* PROBLEM TO WORK ON *
Your task is to copy the data exactly while leaving out every picture.

══════════

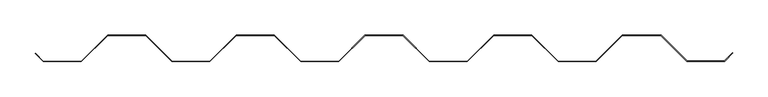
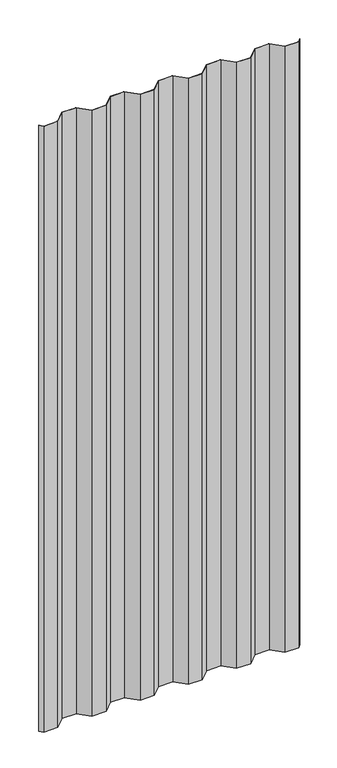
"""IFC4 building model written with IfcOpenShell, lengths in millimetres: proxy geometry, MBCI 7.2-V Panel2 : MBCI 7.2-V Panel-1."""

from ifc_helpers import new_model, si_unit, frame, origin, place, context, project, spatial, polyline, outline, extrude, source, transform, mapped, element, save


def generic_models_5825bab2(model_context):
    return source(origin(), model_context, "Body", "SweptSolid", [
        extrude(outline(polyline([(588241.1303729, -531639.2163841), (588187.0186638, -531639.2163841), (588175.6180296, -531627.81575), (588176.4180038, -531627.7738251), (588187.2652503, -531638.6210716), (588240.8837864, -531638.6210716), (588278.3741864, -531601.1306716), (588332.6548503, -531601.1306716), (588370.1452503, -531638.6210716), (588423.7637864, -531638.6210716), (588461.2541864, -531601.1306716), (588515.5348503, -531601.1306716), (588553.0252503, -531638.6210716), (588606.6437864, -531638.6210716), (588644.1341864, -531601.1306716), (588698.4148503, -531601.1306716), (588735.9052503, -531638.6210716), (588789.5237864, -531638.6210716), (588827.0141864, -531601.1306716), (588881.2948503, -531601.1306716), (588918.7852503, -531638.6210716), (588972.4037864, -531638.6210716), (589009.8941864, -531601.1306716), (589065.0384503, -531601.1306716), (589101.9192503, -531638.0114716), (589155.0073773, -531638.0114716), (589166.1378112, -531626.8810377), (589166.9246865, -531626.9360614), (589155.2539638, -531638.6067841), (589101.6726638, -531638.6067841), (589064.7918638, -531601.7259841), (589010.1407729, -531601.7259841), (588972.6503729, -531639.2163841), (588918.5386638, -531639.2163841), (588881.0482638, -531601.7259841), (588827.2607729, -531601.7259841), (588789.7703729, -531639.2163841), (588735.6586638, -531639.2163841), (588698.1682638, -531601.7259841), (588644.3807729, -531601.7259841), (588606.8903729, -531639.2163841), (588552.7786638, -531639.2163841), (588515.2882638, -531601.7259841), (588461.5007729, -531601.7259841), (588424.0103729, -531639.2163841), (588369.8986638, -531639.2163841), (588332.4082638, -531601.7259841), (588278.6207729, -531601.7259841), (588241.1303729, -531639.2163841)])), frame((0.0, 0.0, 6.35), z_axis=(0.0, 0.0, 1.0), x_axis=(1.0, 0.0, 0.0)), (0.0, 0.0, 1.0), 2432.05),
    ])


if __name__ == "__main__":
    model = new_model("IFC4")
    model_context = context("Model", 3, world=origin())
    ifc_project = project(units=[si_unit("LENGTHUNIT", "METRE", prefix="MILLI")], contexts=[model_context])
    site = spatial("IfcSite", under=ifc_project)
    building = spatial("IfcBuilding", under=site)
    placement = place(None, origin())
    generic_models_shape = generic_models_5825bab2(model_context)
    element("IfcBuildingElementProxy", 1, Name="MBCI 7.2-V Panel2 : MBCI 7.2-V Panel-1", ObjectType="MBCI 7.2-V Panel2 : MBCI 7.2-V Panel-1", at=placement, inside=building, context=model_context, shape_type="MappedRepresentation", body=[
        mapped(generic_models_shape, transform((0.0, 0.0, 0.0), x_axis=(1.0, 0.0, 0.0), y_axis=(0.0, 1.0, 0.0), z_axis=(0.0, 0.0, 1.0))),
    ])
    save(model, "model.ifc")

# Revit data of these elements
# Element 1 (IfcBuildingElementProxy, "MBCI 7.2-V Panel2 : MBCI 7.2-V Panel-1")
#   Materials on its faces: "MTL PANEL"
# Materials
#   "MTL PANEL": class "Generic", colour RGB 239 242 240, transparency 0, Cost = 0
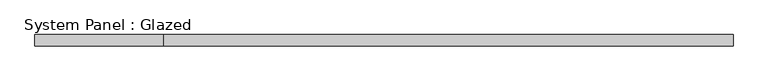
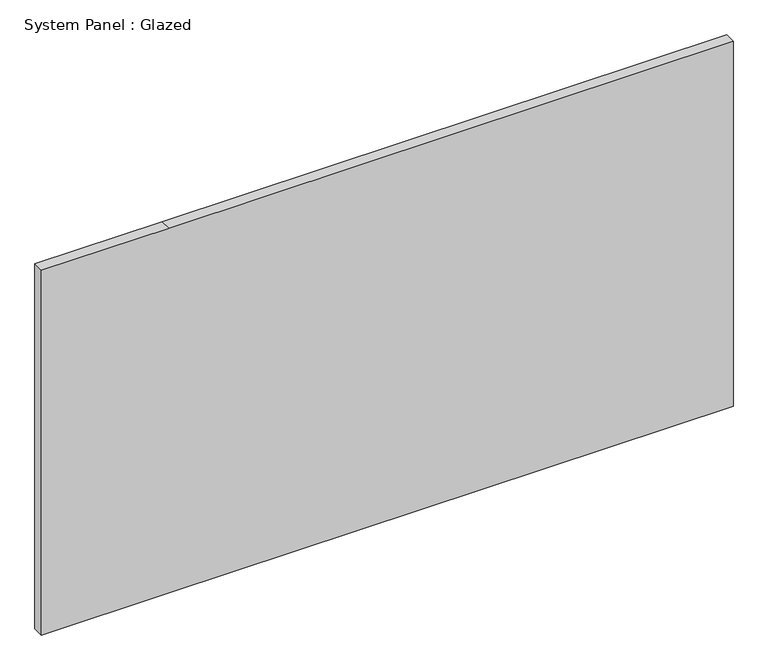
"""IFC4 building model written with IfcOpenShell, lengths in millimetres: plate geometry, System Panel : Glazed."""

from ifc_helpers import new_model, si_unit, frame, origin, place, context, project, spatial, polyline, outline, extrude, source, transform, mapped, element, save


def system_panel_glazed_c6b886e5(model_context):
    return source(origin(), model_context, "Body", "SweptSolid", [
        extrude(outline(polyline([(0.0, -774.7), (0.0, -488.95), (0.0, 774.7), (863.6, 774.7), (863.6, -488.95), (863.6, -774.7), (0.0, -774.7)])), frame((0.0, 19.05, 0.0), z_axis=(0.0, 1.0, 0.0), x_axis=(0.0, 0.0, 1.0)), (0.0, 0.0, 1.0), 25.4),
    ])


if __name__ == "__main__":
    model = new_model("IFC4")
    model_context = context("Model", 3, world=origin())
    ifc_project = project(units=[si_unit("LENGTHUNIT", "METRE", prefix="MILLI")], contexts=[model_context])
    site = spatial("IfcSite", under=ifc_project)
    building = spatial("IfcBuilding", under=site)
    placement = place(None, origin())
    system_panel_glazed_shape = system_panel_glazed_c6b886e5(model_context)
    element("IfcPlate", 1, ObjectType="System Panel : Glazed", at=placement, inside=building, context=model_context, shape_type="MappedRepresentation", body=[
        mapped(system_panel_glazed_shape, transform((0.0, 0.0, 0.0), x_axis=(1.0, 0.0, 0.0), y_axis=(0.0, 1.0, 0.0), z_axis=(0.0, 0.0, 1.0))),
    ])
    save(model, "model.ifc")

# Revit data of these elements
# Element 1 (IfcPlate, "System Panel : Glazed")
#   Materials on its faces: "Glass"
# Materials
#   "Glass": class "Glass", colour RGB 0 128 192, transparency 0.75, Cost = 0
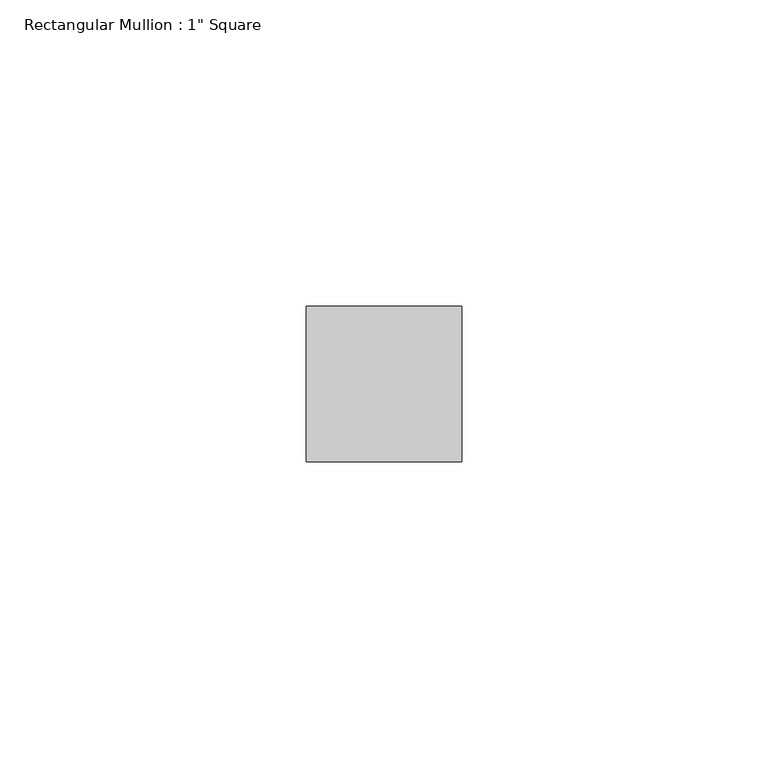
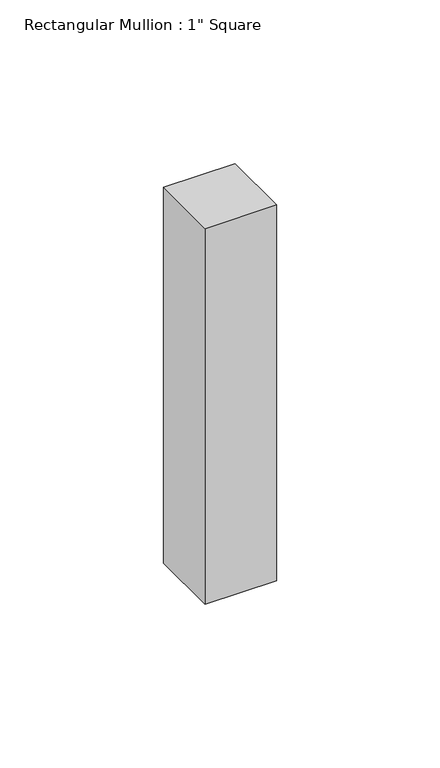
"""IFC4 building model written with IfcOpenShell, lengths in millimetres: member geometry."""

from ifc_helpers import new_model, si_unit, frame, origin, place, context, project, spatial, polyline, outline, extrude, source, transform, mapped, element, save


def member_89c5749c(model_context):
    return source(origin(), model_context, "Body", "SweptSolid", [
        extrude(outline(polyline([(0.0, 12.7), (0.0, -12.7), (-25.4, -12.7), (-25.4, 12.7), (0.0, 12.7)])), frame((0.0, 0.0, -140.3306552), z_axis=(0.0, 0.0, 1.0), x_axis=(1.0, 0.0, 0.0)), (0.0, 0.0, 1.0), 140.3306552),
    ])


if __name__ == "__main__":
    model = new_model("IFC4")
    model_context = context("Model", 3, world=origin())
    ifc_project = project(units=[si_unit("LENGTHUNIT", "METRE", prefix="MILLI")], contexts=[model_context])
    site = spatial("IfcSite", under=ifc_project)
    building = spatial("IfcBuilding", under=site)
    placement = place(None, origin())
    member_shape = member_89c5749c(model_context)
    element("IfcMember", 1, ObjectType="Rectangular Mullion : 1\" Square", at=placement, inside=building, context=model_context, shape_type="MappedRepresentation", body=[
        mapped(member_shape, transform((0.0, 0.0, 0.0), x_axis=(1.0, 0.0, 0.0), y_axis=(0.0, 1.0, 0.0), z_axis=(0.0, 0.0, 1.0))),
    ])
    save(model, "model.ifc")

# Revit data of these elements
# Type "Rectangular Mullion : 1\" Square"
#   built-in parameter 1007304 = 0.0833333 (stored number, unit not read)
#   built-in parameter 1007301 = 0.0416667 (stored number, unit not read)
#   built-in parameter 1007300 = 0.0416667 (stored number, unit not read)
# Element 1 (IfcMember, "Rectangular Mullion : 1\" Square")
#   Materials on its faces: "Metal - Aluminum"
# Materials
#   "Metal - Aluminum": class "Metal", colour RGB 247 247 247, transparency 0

══════════

* EXERCISE RESPONSE *
"""IFC4 building model written with IfcOpenShell, lengths in millimetres: proxy geometry, MBCI 7.2-V Panel2 : MBCI 7.2-V Panel-1."""

from ifc_helpers import new_model, si_unit, frame, origin, place, context, project, spatial, polyline, outline, extrude, source, transform, mapped, element, save


def generic_models_5825bab2(model_context):
    return source(origin(), model_context, "Body", "SweptSolid", [
        extrude(outline(polyline([(588241.1303729, -531639.2163841), (588187.0186638, -531639.2163841), (588175.6180296, -531627.81575), (588176.4180038, -531627.7738251), (588187.2652503, -531638.6210716), (588240.8837864, -531638.6210716), (588278.3741864, -531601.1306716), (588332.6548503, -531601.1306716), (588370.1452503, -531638.6210716), (588423.7637864, -531638.6210716), (588461.2541864, -531601.1306716), (588515.5348503, -531601.1306716), (588553.0252503, -531638.6210716), (588606.6437864, -531638.6210716), (588644.1341864, -531601.1306716), (588698.4148503, -531601.1306716), (588735.9052503, -531638.6210716), (588789.5237864, -531638.6210716), (588827.0141864, -531601.1306716), (588881.2948503, -531601.1306716), (588918.7852503, -531638.6210716), (588972.4037864, -531638.6210716), (589009.8941864, -531601.1306716), (589065.0384503, -531601.1306716), (589101.9192503, -531638.0114716), (589155.0073773, -531638.0114716), (589166.1378112, -531626.8810377), (589166.9246865, -531626.9360614), (589155.2539638, -531638.6067841), (589101.6726638, -531638.6067841), (589064.7918638, -531601.7259841), (589010.1407729, -531601.7259841), (588972.6503729, -531639.2163841), (588918.5386638, -531639.2163841), (588881.0482638, -531601.7259841), (588827.2607729, -531601.7259841), (588789.7703729, -531639.2163841), (588735.6586638, -531639.2163841), (588698.1682638, -531601.7259841), (588644.3807729, -531601.7259841), (588606.8903729, -531639.2163841), (588552.7786638, -531639.2163841), (588515.2882638, -531601.7259841), (588461.5007729, -531601.7259841), (588424.0103729, -531639.2163841), (588369.8986638, -531639.2163841), (588332.4082638, -531601.7259841), (588278.6207729, -531601.7259841), (588241.1303729, -531639.2163841)])), frame((0.0, 0.0, 6.35), z_axis=(0.0, 0.0, 1.0), x_axis=(1.0, 0.0, 0.0)), (0.0, 0.0, 1.0), 2432.05),
    ])


if __name__ == "__main__":
    model = new_model("IFC4")
    model_context = context("Model", 3, world=origin())
    ifc_project = project(units=[si_unit("LENGTHUNIT", "METRE", prefix="MILLI")], contexts=[model_context])
    site = spatial("IfcSite", under=ifc_project)
    building = spatial("IfcBuilding", under=site)
    placement = place(None, origin())
    generic_models_shape = generic_models_5825bab2(model_context)
    element("IfcBuildingElementProxy", 1, Name="MBCI 7.2-V Panel2 : MBCI 7.2-V Panel-1", ObjectType="MBCI 7.2-V Panel2 : MBCI 7.2-V Panel-1", at=placement, inside=building, context=model_context, shape_type="MappedRepresentation", body=[
        mapped(generic_models_shape, transform((0.0, 0.0, 0.0), x_axis=(1.0, 0.0, 0.0), y_axis=(0.0, 1.0, 0.0), z_axis=(0.0, 0.0, 1.0))),
    ])
    save(model, "model.ifc")

# Revit data of these elements
# Element 1 (IfcBuildingElementProxy, "MBCI 7.2-V Panel2 : MBCI 7.2-V Panel-1")
#   Materials on its faces: "MTL PANEL"
# Materials
#   "MTL PANEL": class "Generic", colour RGB 239 242 240, transparency 0, Cost = 0
"""IFC4 building model written with IfcOpenShell, lengths in millimetres: plate geometry, System Panel : Glazed."""

from ifc_helpers import new_model, si_unit, frame, origin, place, context, project, spatial, polyline, outline, extrude, source, transform, mapped, element, save


def system_panel_glazed_c6b886e5(model_context):
    return source(origin(), model_context, "Body", "SweptSolid", [
        extrude(outline(polyline([(0.0, -774.7), (0.0, -488.95), (0.0, 774.7), (863.6, 774.7), (863.6, -488.95), (863.6, -774.7), (0.0, -774.7)])), frame((0.0, 19.05, 0.0), z_axis=(0.0, 1.0, 0.0), x_axis=(0.0, 0.0, 1.0)), (0.0, 0.0, 1.0), 25.4),
    ])


if __name__ == "__main__":
    model = new_model("IFC4")
    model_context = context("Model", 3, world=origin())
    ifc_project = project(units=[si_unit("LENGTHUNIT", "METRE", prefix="MILLI")], contexts=[model_context])
    site = spatial("IfcSite", under=ifc_project)
    building = spatial("IfcBuilding", under=site)
    placement = place(None, origin())
    system_panel_glazed_shape = system_panel_glazed_c6b886e5(model_context)
    element("IfcPlate", 1, ObjectType="System Panel : Glazed", at=placement, inside=building, context=model_context, shape_type="MappedRepresentation", body=[
        mapped(system_panel_glazed_shape, transform((0.0, 0.0, 0.0), x_axis=(1.0, 0.0, 0.0), y_axis=(0.0, 1.0, 0.0), z_axis=(0.0, 0.0, 1.0))),
    ])
    save(model, "model.ifc")

# Revit data of these elements
# Element 1 (IfcPlate, "System Panel : Glazed")
#   Materials on its faces: "Glass"
# Materials
#   "Glass": class "Glass", colour RGB 0 128 192, transparency 0.75, Cost = 0
"""IFC4 building model written with IfcOpenShell, lengths in millimetres: member geometry."""

from ifc_helpers import new_model, si_unit, frame, origin, place, context, project, spatial, polyline, outline, extrude, source, transform, mapped, element, save


def member_89c5749c(model_context):
    return source(origin(), model_context, "Body", "SweptSolid", [
        extrude(outline(polyline([(0.0, 12.7), (0.0, -12.7), (-25.4, -12.7), (-25.4, 12.7), (0.0, 12.7)])), frame((0.0, 0.0, -140.3306552), z_axis=(0.0, 0.0, 1.0), x_axis=(1.0, 0.0, 0.0)), (0.0, 0.0, 1.0), 140.3306552),
    ])


if __name__ == "__main__":
    model = new_model("IFC4")
    model_context = context("Model", 3, world=origin())
    ifc_project = project(units=[si_unit("LENGTHUNIT", "METRE", prefix="MILLI")], contexts=[model_context])
    site = spatial("IfcSite", under=ifc_project)
    building = spatial("IfcBuilding", under=site)
    placement = place(None, origin())
    member_shape = member_89c5749c(model_context)
    element("IfcMember", 1, ObjectType="Rectangular Mullion : 1\" Square", at=placement, inside=building, context=model_context, shape_type="MappedRepresentation", body=[
        mapped(member_shape, transform((0.0, 0.0, 0.0), x_axis=(1.0, 0.0, 0.0), y_axis=(0.0, 1.0, 0.0), z_axis=(0.0, 0.0, 1.0))),
    ])
    save(model, "model.ifc")

# Revit data of these elements
# Type "Rectangular Mullion : 1\" Square"
#   built-in parameter 1007304 = 0.0833333 (stored number, unit not read)
#   built-in parameter 1007301 = 0.0416667 (stored number, unit not read)
#   built-in parameter 1007300 = 0.0416667 (stored number, unit not read)
# Element 1 (IfcMember, "Rectangular Mullion : 1\" Square")
#   Materials on its faces: "Metal - Aluminum"
# Materials
#   "Metal - Aluminum": class "Metal", colour RGB 247 247 247, transparency 0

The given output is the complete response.